Is Routine Hyperventilation Just Hot Air?
Abstract number :
3.261
Submission category :
3. Neurophysiology / 3C. Other Clinical EEG
Year :
2024
Submission ID :
174
Source :
www.aesnet.org
Presentation date :
12/9/2024 12:00:00 AM
Published date :
Authors :
Presenting Author: Matthew Rumschlag, MD – University of Virginia Health System
Mark Quigg, MD – University of Virginia
Erika Axeen, MD – University of Virginia Health System
Rationale: Hyperventilation is a standard activating procedure used in routine EEG but was limited in use due to the COVID pandemic. A prior study has shown decreased sensitivity of EEG when omitting HV in juvenile myoclonic epilepsy patients during COVID (Hatano 2022). We sought to investigate the potential decrease in sensitivity of EEG more broadly in both pediatric and adult patients. We reviewed routine EEG reports from before and during the COVID pandemic and assessed the impact of omitting this technique on the sensitivity of routine EEG. We hypothesized that HV did not significantly impact the sensitivity of EEG in a broad population.

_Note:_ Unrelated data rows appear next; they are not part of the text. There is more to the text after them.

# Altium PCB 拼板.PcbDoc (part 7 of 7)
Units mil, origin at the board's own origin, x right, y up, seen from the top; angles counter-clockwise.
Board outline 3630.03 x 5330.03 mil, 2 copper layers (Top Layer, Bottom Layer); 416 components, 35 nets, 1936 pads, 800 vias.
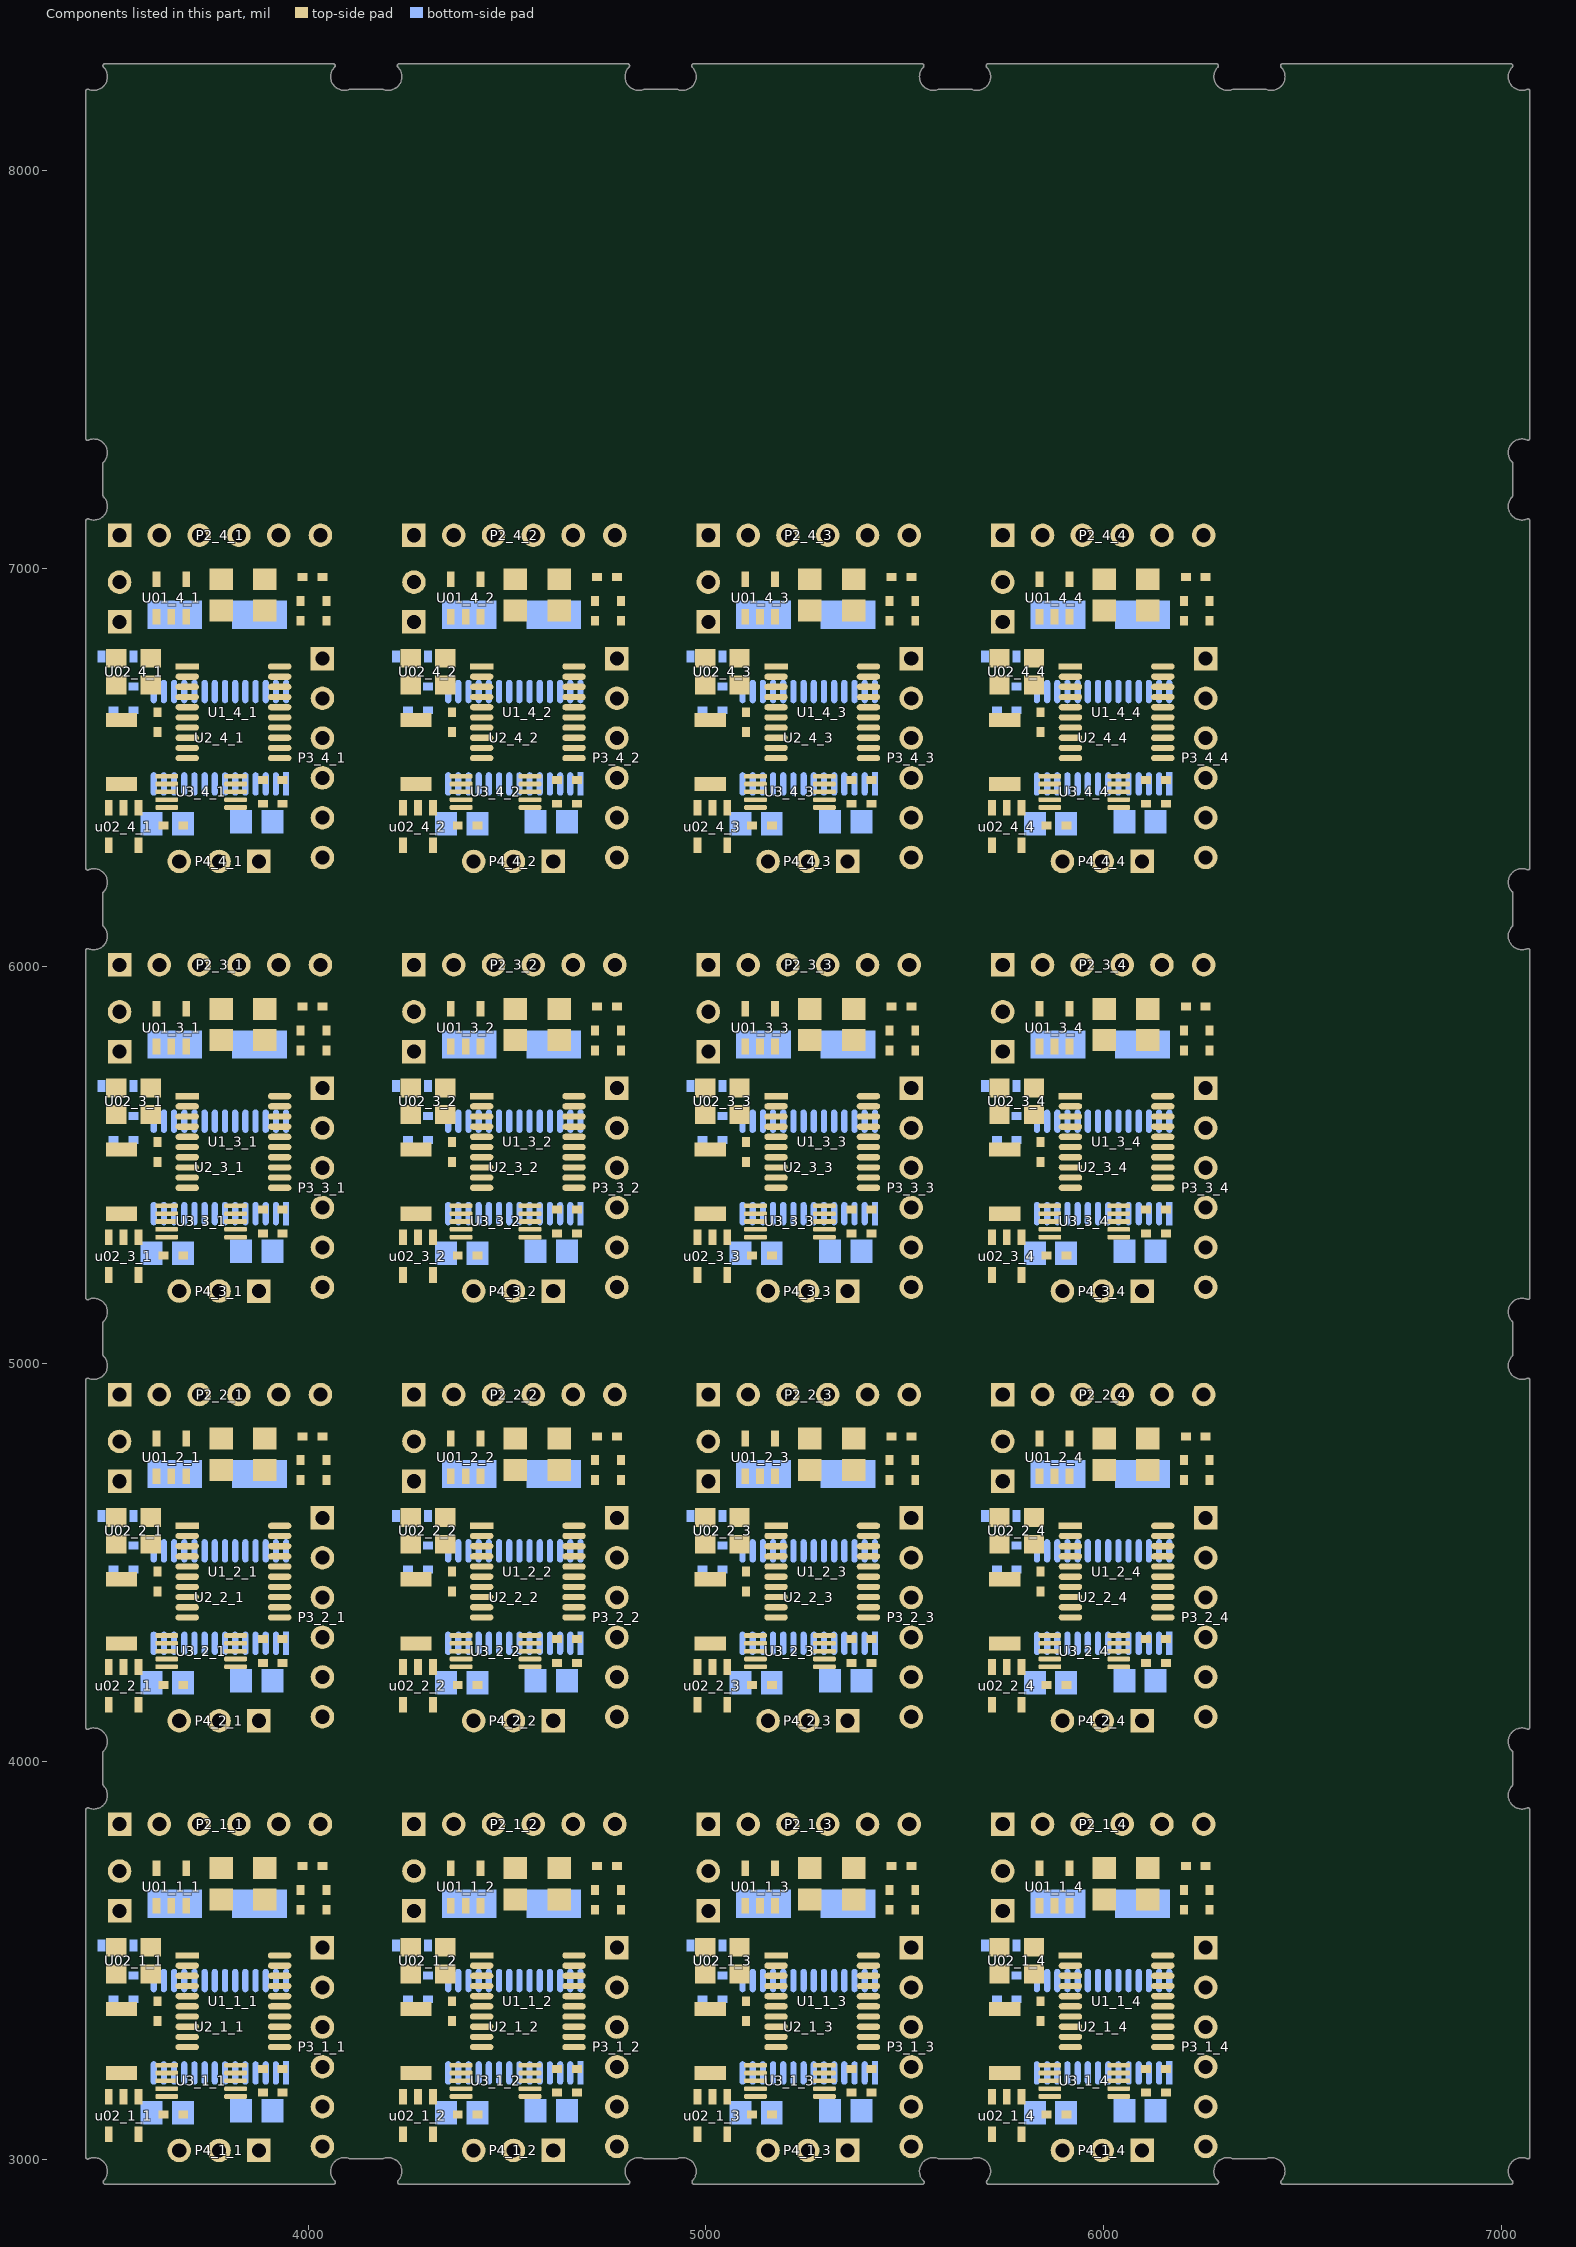
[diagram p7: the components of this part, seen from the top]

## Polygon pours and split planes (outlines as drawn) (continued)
no net on Bottom Layer "Top Layer-No Net1" (solid, pour order 43): 4929.77,3003.01 cw(c4926.07,3006.39) 4921.05,3006.39 4921.05,3879.08 cw(c4926.07,3879.08) 4927.98,3883.71 ccw(c4941.11,3915.46) 4975.46,3915.46 ccw(c4941.11,3915.46) 4965.67,3939.48 ccw(c4941.11,3915.46) 4965.64,3939.51 4965.67,3939.48 cw(c4969.22,3943.02) 4964.21,3943.02 cw(c4969.22,3943.02) 4969.25,3948.04 5542.91,3948.04 cw(c5542.91,3943.02) 5547.93,3943.02 cw(c5542.91,3943.02) 5546.47,3939.49 cw(c5571.03,3915.46) 5546.49,3939.51 5546.47,3939.49 ccw(c5571.03,3915.46) 5584.15,3883.71 cw(c5586.07,3879.08) 5591.08,3879.08 cw(c5586.07,3879.08) 5591.08,3879.08 5591.08,3006.97 cw(c5586.07,3006.97) 5584.15,3002.33 ccw(c5571.03,2970.58) 5545.44,2947.65 cw(c5543.51,2943.02) 5548.53,2943.02 cw(c5543.51,2943.02) 5543.51,2938.01 5537.29,2938.01 cw(c5537.29,2943.02) 5537.29,2938.01 ccw(c5537.29,2943.02) 5537.32,2938.01 5537.29,2938.01 4970.1,2938.01 cw(c4970.1,2943.02) 4965.11,2943.49 cw(c4970.1,2943.95) 4966.41,2947.34 ccw(c4941.11,2970.58) 4975.46,2970.58 ccw(c4941.11,2970.58)
no net on Bottom Layer "Top Layer-No Net1" (solid, pour order 37): 4189.77,5163.01 cw(c4186.07,5166.39) 4181.05,5166.39 4181.05,6039.08 cw(c4186.07,6039.08) 4187.98,6043.71 ccw(c4201.11,6075.46) 4235.46,6075.46 ccw(c4201.11,6075.46) 4225.67,6099.48 ccw(c4201.11,6075.46) 4225.64,6099.51 4225.67,6099.48 cw(c4229.22,6103.02) 4224.21,6103.02 cw(c4229.22,6103.02) 4229.25,6108.04 4802.91,6108.04 cw(c4802.91,6103.02) 4807.93,6103.02 cw(c4802.91,6103.02) 4806.47,6099.49 cw(c4831.03,6075.46) 4806.49,6099.51 4806.47,6099.49 ccw(c4831.03,6075.46) 4844.15,6043.71 cw(c4846.07,6039.08) 4851.08,6039.08 cw(c4846.07,6039.08) 4851.08,6039.08 4851.08,5166.97 cw(c4846.07,5166.97) 4844.15,5162.33 ccw(c4831.03,5130.58) 4805.44,5107.65 cw(c4803.51,5103.02) 4808.53,5103.02 cw(c4803.51,5103.02) 4803.51,5098.01 4797.29,5098.01 cw(c4797.29,5103.02) 4797.29,5098.01 ccw(c4797.29,5103.02) 4797.32,5098.01 4797.29,5098.01 4230.1,5098.01 cw(c4230.1,5103.02) 4225.11,5103.49 cw(c4230.1,5103.95) 4226.41,5107.34 ccw(c4201.11,5130.58) 4235.46,5130.58 ccw(c4201.11,5130.58)
no net on Bottom Layer "Top Layer-No Net1" (solid, pour order 35): 4189.77,4083.01 cw(c4186.07,4086.39) 4181.05,4086.39 4181.05,4959.08 cw(c4186.07,4959.08) 4187.98,4963.71 ccw(c4201.11,4995.46) 4235.46,4995.46 ccw(c4201.11,4995.46) 4225.67,5019.48 ccw(c4201.11,4995.46) 4225.64,5019.51 4225.67,5019.48 cw(c4229.22,5023.02) 4224.21,5023.02 cw(c4229.22,5023.02) 4229.25,5028.04 4802.91,5028.04 cw(c4802.91,5023.02) 4807.93,5023.02 cw(c4802.91,5023.02) 4806.47,5019.49 cw(c4831.03,4995.46) 4806.49,5019.51 4806.47,5019.49 ccw(c4831.03,4995.46) 4844.15,4963.71 cw(c4846.07,4959.08) 4851.08,4959.08 cw(c4846.07,4959.08) 4851.08,4959.08 4851.08,4086.97 cw(c4846.07,4086.97) 4844.15,4082.33 ccw(c4831.03,4050.58) 4805.44,4027.65 cw(c4803.51,4023.02) 4808.53,4023.02 cw(c4803.51,4023.02) 4803.51,4018.01 4797.29,4018.01 cw(c4797.29,4023.02) 4797.29,4018.01 ccw(c4797.29,4023.02) 4797.32,4018.01 4797.29,4018.01 4230.1,4018.01 cw(c4230.1,4023.02) 4225.11,4023.49 cw(c4230.1,4023.95) 4226.41,4027.34 ccw(c4201.11,4050.58) 4235.46,4050.58 ccw(c4201.11,4050.58)
no net on Bottom Layer "Top Layer-No Net1" (solid, pour order 33): 4189.77,3003.01 cw(c4186.07,3006.39) 4181.05,3006.39 4181.05,3879.08 cw(c4186.07,3879.08) 4187.98,3883.71 ccw(c4201.11,3915.46) 4235.46,3915.46 ccw(c4201.11,3915.46) 4225.67,3939.48 ccw(c4201.11,3915.46) 4225.64,3939.51 4225.67,3939.48 cw(c4229.22,3943.02) 4224.21,3943.02 cw(c4229.22,3943.02) 4229.25,3948.04 4802.91,3948.04 cw(c4802.91,3943.02) 4807.93,3943.02 cw(c4802.91,3943.02) 4806.47,3939.49 cw(c4831.03,3915.46) 4806.49,3939.51 4806.47,3939.49 ccw(c4831.03,3915.46) 4844.15,3883.71 cw(c4846.07,3879.08) 4851.08,3879.08 cw(c4846.07,3879.08) 4851.08,3879.08 4851.08,3006.97 cw(c4846.07,3006.97) 4844.15,3002.33 ccw(c4831.03,2970.58) 4805.44,2947.65 cw(c4803.51,2943.02) 4808.53,2943.02 cw(c4803.51,2943.02) 4803.51,2938.01 4797.29,2938.01 cw(c4797.29,2943.02) 4797.29,2938.01 ccw(c4797.29,2943.02) 4797.32,2938.01 4797.29,2938.01 4230.1,2938.01 cw(c4230.1,2943.02) 4225.11,2943.49 cw(c4230.1,2943.95) 4226.41,2947.34 ccw(c4201.11,2970.58) 4235.46,2970.58 ccw(c4201.11,2970.58)
no net on Bottom Layer "Top Layer-No Net1" (solid, pour order 27): 3449.77,5163.01 cw(c3446.07,5166.39) 3441.05,5166.39 3441.05,6039.08 cw(c3446.07,6039.08) 3447.98,6043.71 ccw(c3461.11,6075.46) 3495.46,6075.46 ccw(c3461.11,6075.46) 3485.67,6099.48 ccw(c3461.11,6075.46) 3485.64,6099.51 3485.67,6099.48 cw(c3489.22,6103.02) 3484.21,6103.02 cw(c3489.22,6103.02) 3489.25,6108.04 4062.91,6108.04 cw(c4062.91,6103.02) 4067.93,6103.02 cw(c4062.91,6103.02) 4066.47,6099.49 cw(c4091.03,6075.46) 4066.49,6099.51 4066.47,6099.49 ccw(c4091.03,6075.46) 4104.15,6043.71 cw(c4106.07,6039.08) 4111.08,6039.08 cw(c4106.07,6039.08) 4111.08,6039.08 4111.08,5166.97 cw(c4106.07,5166.97) 4104.15,5162.33 ccw(c4091.03,5130.58) 4065.44,5107.65 cw(c4063.51,5103.02) 4068.53,5103.02 cw(c4063.51,5103.02) 4063.51,5098.01 4057.29,5098.01 cw(c4057.29,5103.02) 4057.29,5098.01 ccw(c4057.29,5103.02) 4057.32,5098.01 4057.29,5098.01 3490.1,5098.01 cw(c3490.1,5103.02) 3485.11,5103.49 cw(c3490.1,5103.95) 3486.41,5107.34 ccw(c3461.11,5130.58) 3495.46,5130.58 ccw(c3461.11,5130.58)
no net on Bottom Layer "Top Layer-No Net1" (solid, pour order 25): 3449.77,4083.01 cw(c3446.07,4086.39) 3441.05,4086.39 3441.05,4959.08 cw(c3446.07,4959.08) 3447.98,4963.71 ccw(c3461.11,4995.46) 3495.46,4995.46 ccw(c3461.11,4995.46) 3485.67,5019.48 ccw(c3461.11,4995.46) 3485.64,5019.51 3485.67,5019.48 cw(c3489.22,5023.02) 3484.21,5023.02 cw(c3489.22,5023.02) 3489.25,5028.04 4062.91,5028.04 cw(c4062.91,5023.02) 4067.93,5023.02 cw(c4062.91,5023.02) 4066.47,5019.49 cw(c4091.03,4995.46) 4066.49,5019.51 4066.47,5019.49 ccw(c4091.03,4995.46) 4104.15,4963.71 cw(c4106.07,4959.08) 4111.08,4959.08 cw(c4106.07,4959.08) 4111.08,4959.08 4111.08,4086.97 cw(c4106.07,4086.97) 4104.15,4082.33 ccw(c4091.03,4050.58) 4065.44,4027.65 cw(c4063.51,4023.02) 4068.53,4023.02 cw(c4063.51,4023.02) 4063.51,4018.01 4057.29,4018.01 cw(c4057.29,4023.02) 4057.29,4018.01 ccw(c4057.29,4023.02) 4057.32,4018.01 4057.29,4018.01 3490.1,4018.01 cw(c3490.1,4023.02) 3485.11,4023.49 cw(c3490.1,4023.95) 3486.41,4027.34 ccw(c3461.11,4050.58) 3495.46,4050.58 ccw(c3461.11,4050.58)
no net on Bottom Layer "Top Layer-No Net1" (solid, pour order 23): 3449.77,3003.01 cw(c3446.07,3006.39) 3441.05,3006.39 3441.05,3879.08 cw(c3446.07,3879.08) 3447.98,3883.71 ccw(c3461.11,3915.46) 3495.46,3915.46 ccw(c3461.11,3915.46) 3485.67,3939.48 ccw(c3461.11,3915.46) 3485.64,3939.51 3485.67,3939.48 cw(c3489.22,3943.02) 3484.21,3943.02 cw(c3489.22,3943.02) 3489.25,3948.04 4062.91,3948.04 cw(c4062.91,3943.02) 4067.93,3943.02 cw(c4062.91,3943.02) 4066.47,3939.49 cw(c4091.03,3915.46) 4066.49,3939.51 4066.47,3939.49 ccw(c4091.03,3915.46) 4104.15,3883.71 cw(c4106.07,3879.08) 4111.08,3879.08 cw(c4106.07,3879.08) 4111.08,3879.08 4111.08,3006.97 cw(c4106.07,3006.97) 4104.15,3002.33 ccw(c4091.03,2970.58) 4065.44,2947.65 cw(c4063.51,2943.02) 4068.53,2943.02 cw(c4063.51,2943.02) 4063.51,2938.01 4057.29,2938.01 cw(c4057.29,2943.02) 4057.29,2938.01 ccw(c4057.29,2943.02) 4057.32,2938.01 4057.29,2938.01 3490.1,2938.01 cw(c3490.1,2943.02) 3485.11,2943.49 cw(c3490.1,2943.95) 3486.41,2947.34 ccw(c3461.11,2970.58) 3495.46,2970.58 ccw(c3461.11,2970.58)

Methods: We conducted a retrospective study of patients aged 4 years and older at the University of Virginia Health System who underwent routine EEGs from 2018-2022. This study was approved by the University of Virginia IRB. Data was extracted EEG reports and supplemented by EEG review. The primary outcome variable was the presence or absence of epileptiform abnormalities (EAs) defined as either 1) clinical-electrographic or electrographic seizures, 2) spikes or sharp waves, or 3) occipital or temporal rhythmic delta activity. The primary independent variable was adequate HV (present = fair or better effort by the technologist; absent = poor or no HV performed). Other independent variables were sex, age, sleep (presence or absence), EEG duration (defined as 21 minutes or less versus greater). We screened independent variables against the presence of absence of EAs with univariate T tests and chi squared tests. We calculated the odds ratios of independent variables against IED outcome with stepwise binary logistic regression models.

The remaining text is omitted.